_WHAT YOU HAVE TO DO:_
Across the records that follow, determine how many lines contain "ROLLER" and give only the resulting number.

+===+

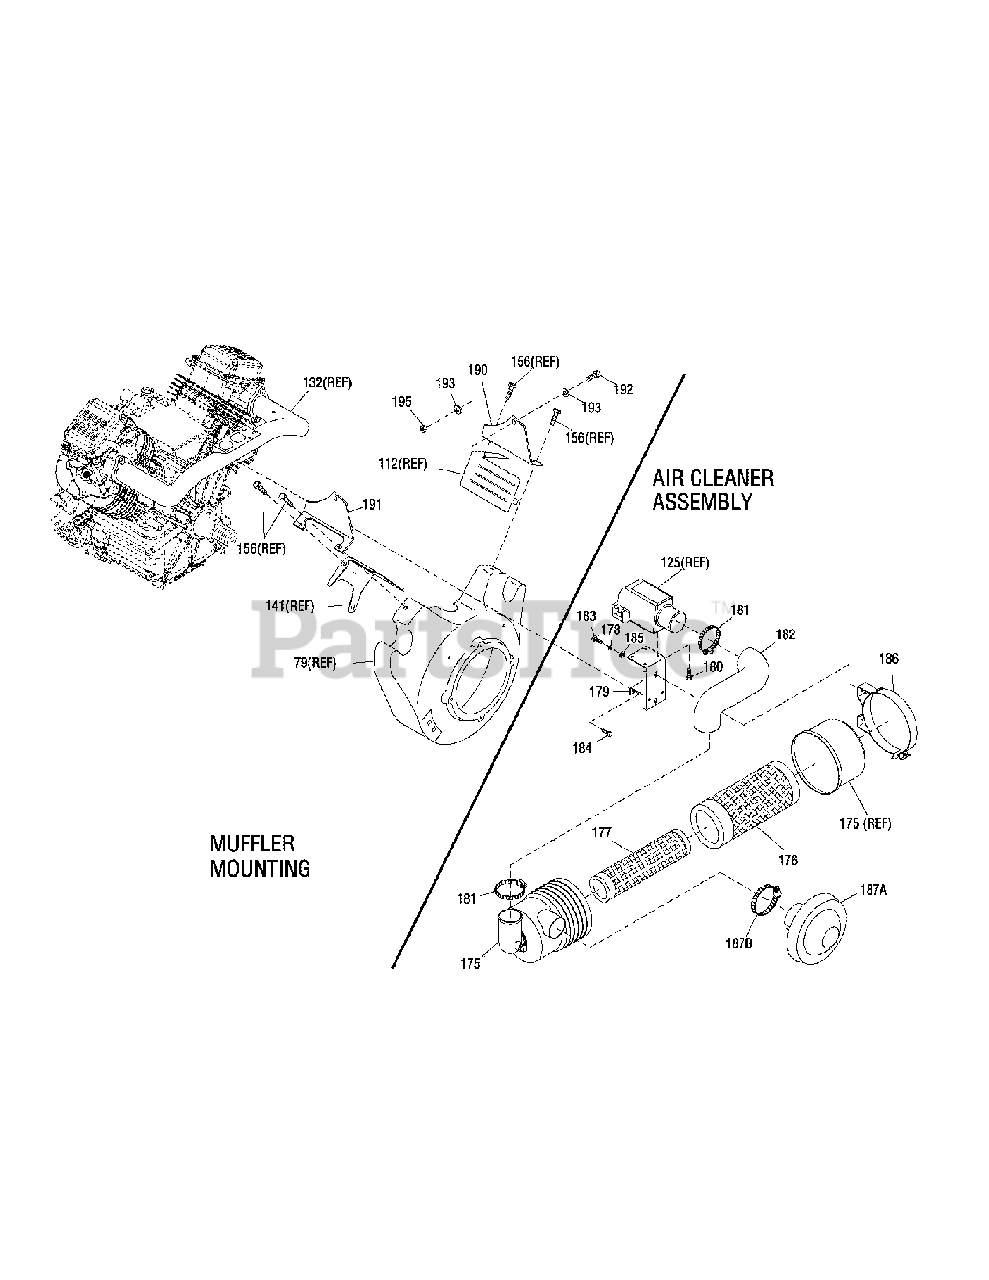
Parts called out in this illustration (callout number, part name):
79	HOUSING, BLOWER VERTICAL
92	PLATE, FAN
93	FAN, NYLON
112	WRAPPER, UPPER CYLINDER 1
125	ADAPTOR, CARB-AIRBOX, M6 BOSSES
132	MANIFOLD.INTAKE 2BBL CARB
141	WRAPPER, UPPER CYLINDER 2
156	SCREW, FHHC M6-1.0 x 12 W/M5 HEX
161	BRACKET, THROTTLE
175	CLEANER, AIR W/ SFTY FLT
176	FILTER, AIR PRIMARY
177	FILTER, AIR SAFETY (INNER)
178	WASHER LOCK M8-5/16
179	BRKT, AIR CLEANER SUPPORT
180	SCREW BHSC M6-1.0 x 12 SS
181	CLAMP HOSE #32 1.563-2.500
182	HOSE AIR CLEANER
183	SCREW HHC M8-1.25 x 16 G8.8
184	SCREW HHFC M6-1.0 x 10 G8.8
185	WASHER FLAT 5/16-M8 ZINC
186	ASSY, BAND MOUNT AIR CLEANER
187A	HOOD, INLET
187B	CLAMP, HOSE
190	NOT USED IN THIS APPLICATION
191	NOT USED IN THIS APPLICATION
193	NOT USED IN THIS APPLICATION
195	NOT USED IN THIS APPLICATION
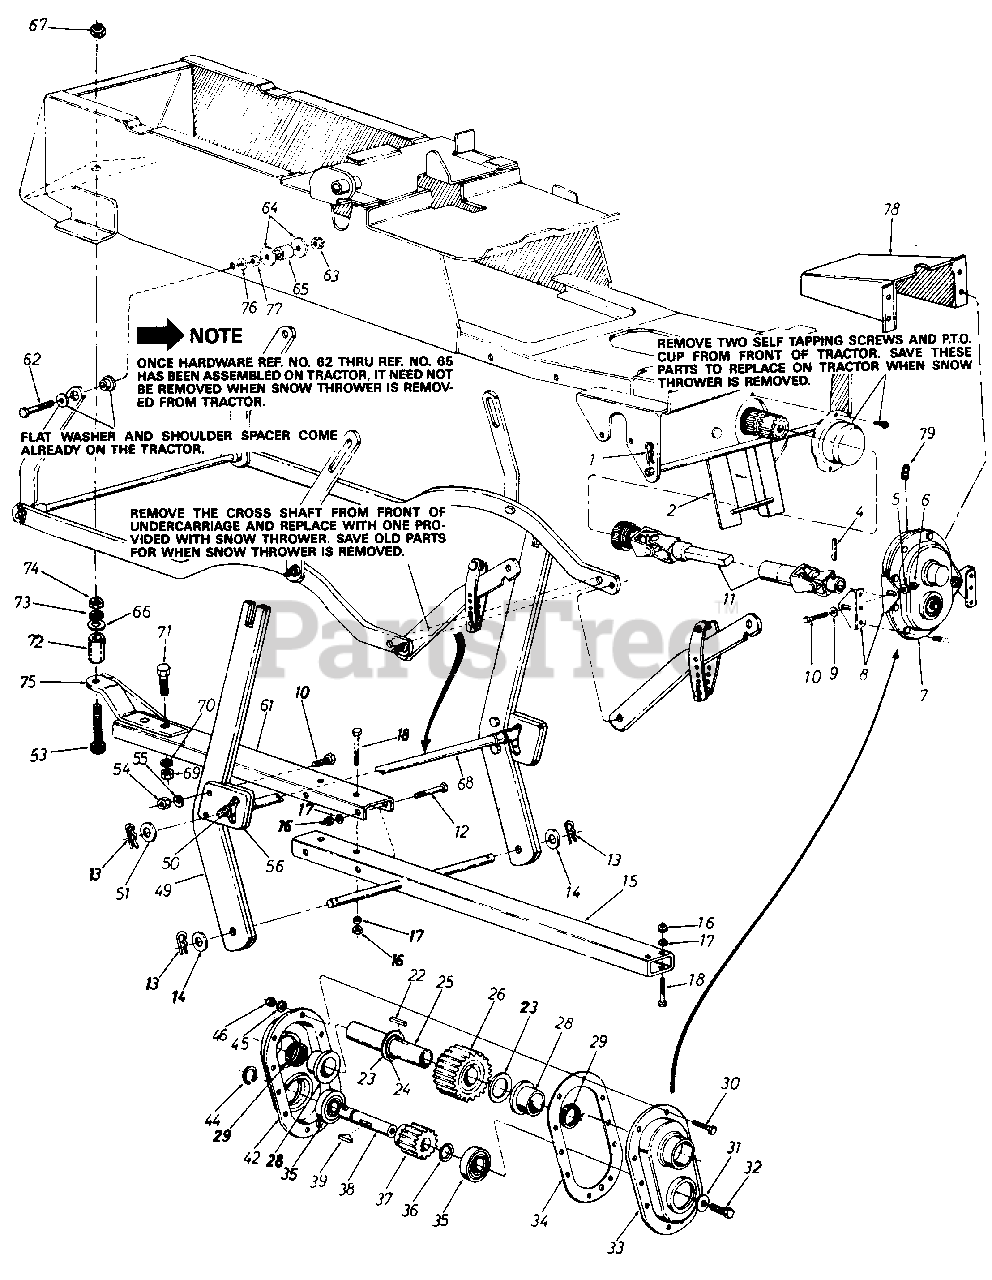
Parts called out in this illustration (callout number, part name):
1	Intern. Cotter Pin 3/4" Dia.
2	Guide Bracket Ass'y.
4	Roll Pin Spirol 5/16" Dia. x 2.5" Lg.
5	Belleville Wash. .341" I.D. x .88" O.D.
6	Hex Nut 5/16-18 Thd.4
7	Gear Box Ass'y. Comp.
8	Gear Box Support Brkt.
9	Belleville Wash. .341" I.D. x .88" O.D.
10	Hex Bolt 5/16-18 x 1.25" Lg. (Grade 5)
11	Universal Drive Shaft Ass'y.
12	Hex Bolt 3/8-24 x 4.50" Lg.*
13	Hair Pin Cotter
14	Fl.-Wash. .75" i.D. x 1.5" O.D.
15	Lift Shaft Ass'y.
16	Hex Ins. Jam L.-Nut 3/8-24 Thd.
17	L.-Wash. 3/8" I.D.*
18	Hex Bolt 3/8-24 x 2.75" Lg.
22	Hi-Pro Key 1/4" x 7/8" Dia.
23	Fl.-Wash. 1.31" I.D. x 2.00" O.D. x .060
24	Snap Ring for 1.25" Dia. Shaft
25	Gear Shaft 1.25" Dia. x 6.0" Lg.
26	28 Teeth Spur Gear
28	Flange Bearing 1.25" I.D. x 1.75" O.D.
29	Oil Seal 1.25" I.D. x 1.75" O.D. x .26
30	Hex Bolt 1/4-28 x .88" 4.
31	Fl.-Wash. .40" I.D. x 1.25" O.D. x .160
32	Hex L.-Bolt 3/8-24 x 1.00" Lg.
33	Gea; Housing Half - L.H.
34	Gasket
35	Ball Bearing 1.00" I.D. x 2.00" O.D.
36	Fl.-Wash. 1.03" I.D. x 1.63" x .090
37	15 Teeth Spur Gear
38	Input Shaft
39	Woodrull Key 1/4" x 3/4" Dia.
42	Gear Housing Half-R.H.
44	Snap Ring for 1.00" Dia. Shaft
45	Spring Wash. 1/4" I.D.
46	Hex Nut 1/4-28 Thd.
51	Fl.-Wash. .62" I.D. x 1.12" O.D.
53	Hex Bolt 5/8-11 x 4.00" Lc
54	Hex Nut 5/16-18 Thd.*
55	L.-Wash. 5/16" I.D.*
62	Hex Bolt 3/8-24 x 2.50" 4. (Grade 5)
63	Hex Jam L.-Nut 3/8-24 Thd.
64	Fl.-Wash. .375" I.D. x 1.00" O.D. x .135"
65	Spacer.375" I.D. x .625" O.D. x .445
66	Fl.-Wash. .62" I.D. x 1.12" O.D.
67	Hex Jam L.-Nut 5/8-11 Thd.
68	Cross Shaft Ass'y.
69	Hex Nut 1/2 -13 Thd.*
70	L.-Wash. 1/2" I.D.*
71	Hex Bolt 1/2-13 x 1.25" Lg.
72	Spacer.65" I.D. x 2.12" Lg.
73	L.-Wash. 5/8" I.D.*
74	Hex Jam Nut 5/8-11Thd.
77	Hex Nut 3/8-24 Thd.*
78	Drive Shaft Cover
79	Grease Fitting
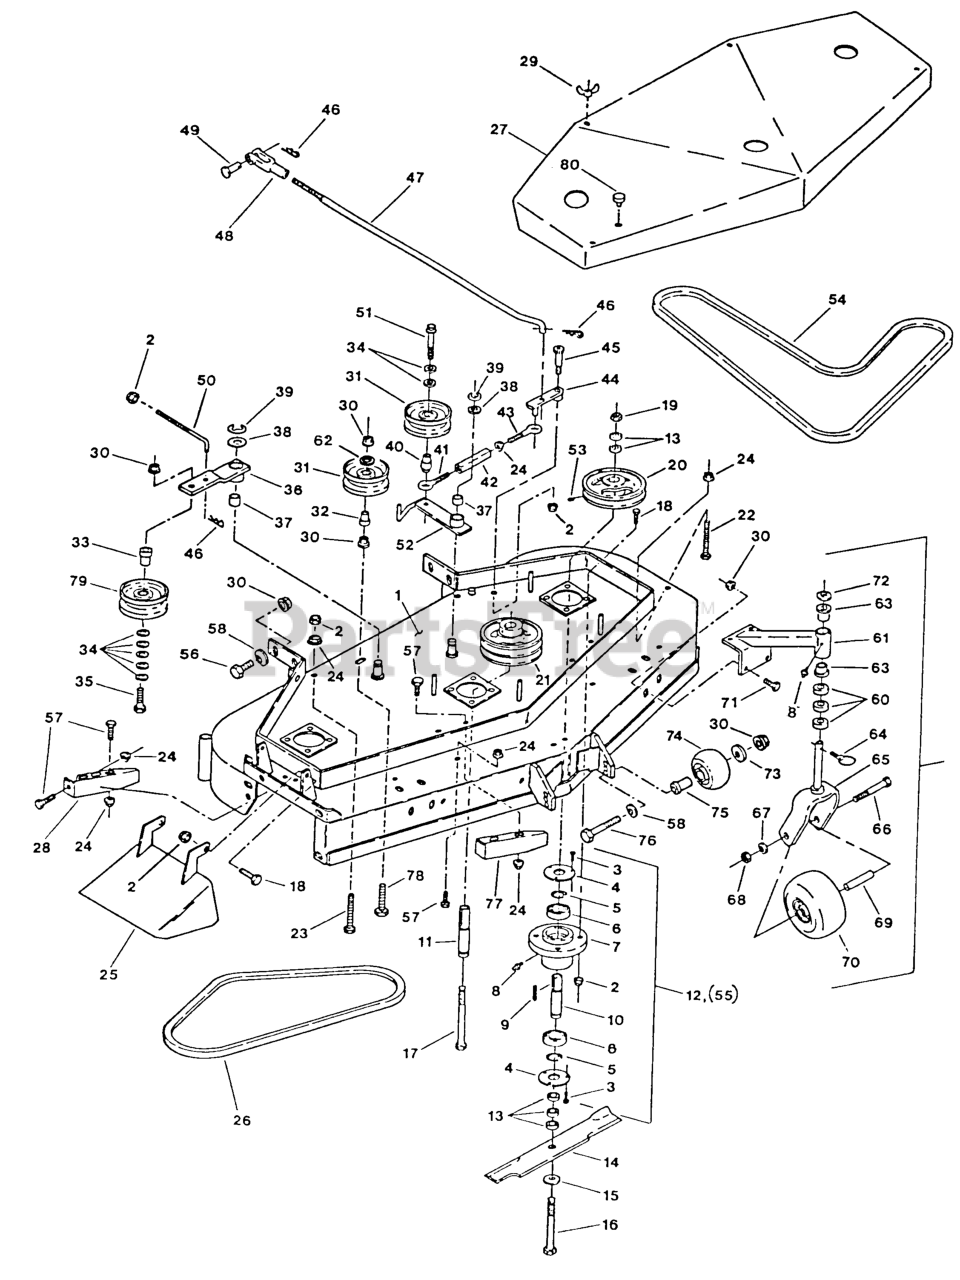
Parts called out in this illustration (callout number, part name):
3	SCRWMACH PHS
4	CAP,CUTTER HOUSING
5	RING,RETNG WLDS 5108-100
7	HOUSING,CUTTER
10	SPINDLE,CUTTER
12	HOUSING,CUTTER COMPLETE
17	SCREW-CAP, HH
20	PULLEY,CAST IRON
22	BOLT,TAP HH
23	BOLTTAP HH
25	WLD,CHUTE DISCHARGE
28	WLD, DISCHARGE BAFFLE
33	BUSHING-IDLER
36	ARM WLDMNT W/BUSHING
37	BEARING,POWDERED METAL
38	WASHER-SPINDLE
40	BUSHING-ENGAGEMENT
41	EYEBOLT-THREAD, LH
42	BODY-TURNBUCKLE
43	EYEBOLT-THREAD, RH
45	BOLT,SHLDR KSKH
46	PIN-COTTER
48	YOKE-ADJUSTABLE
49	PIN-CLEVIS
50	LINKAGE
53	SCREW-SET
55	HOUSING,CUTTER COMPLETE
60	SPACER-CASTER
63	BEARING-FLANGED
72	WASHER-FLAT
74	ROLLER-SCALP, ANTI
75	BUSHING-ROLLER
78	BOLT,TAP HH3/8-16X2-1/4
79	IDLER,PULLEY
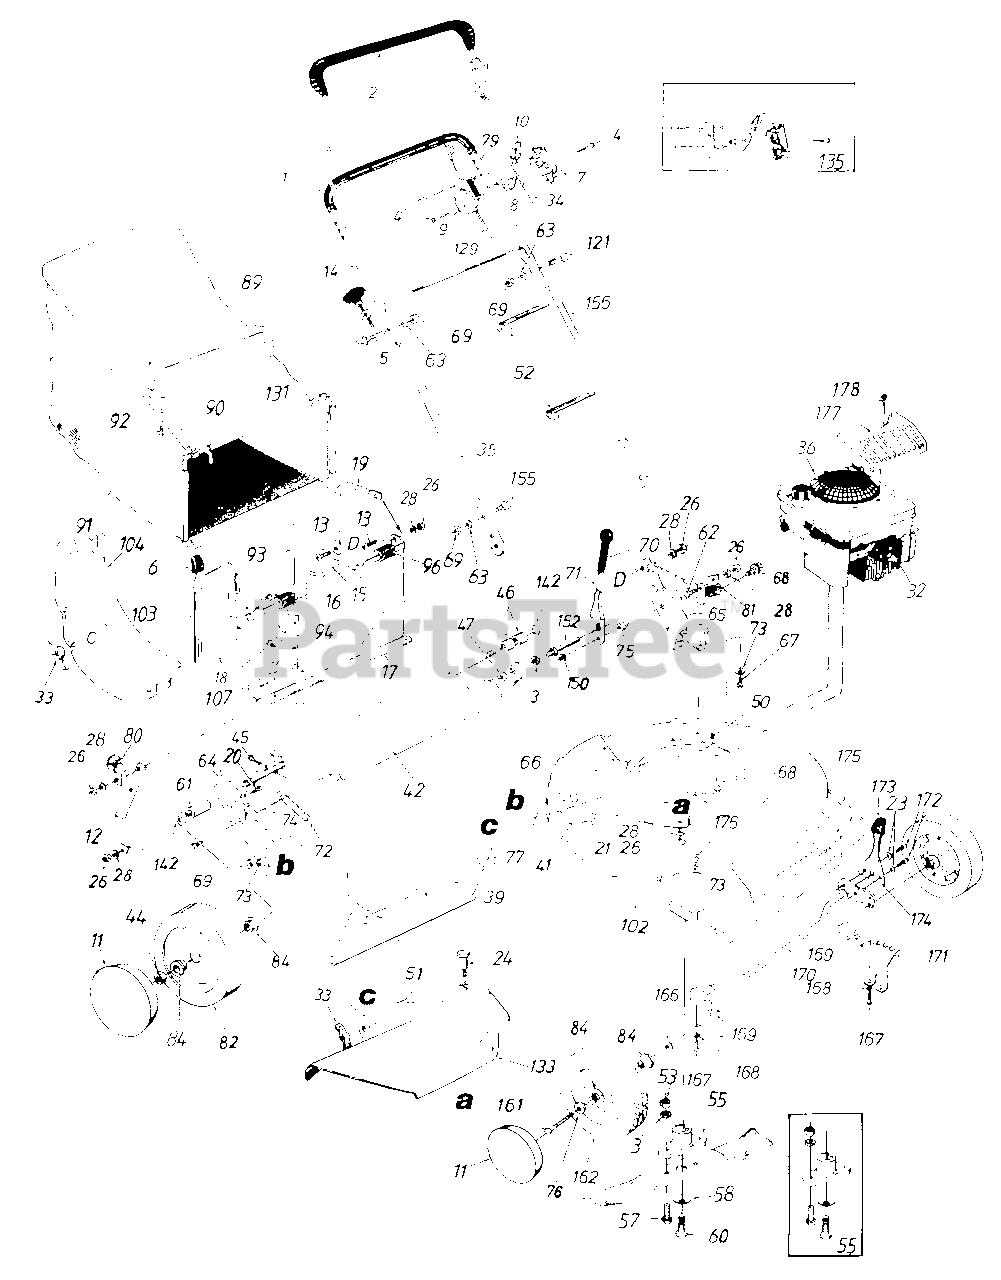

+===+

_RESPONSE TO THE TASK:_
2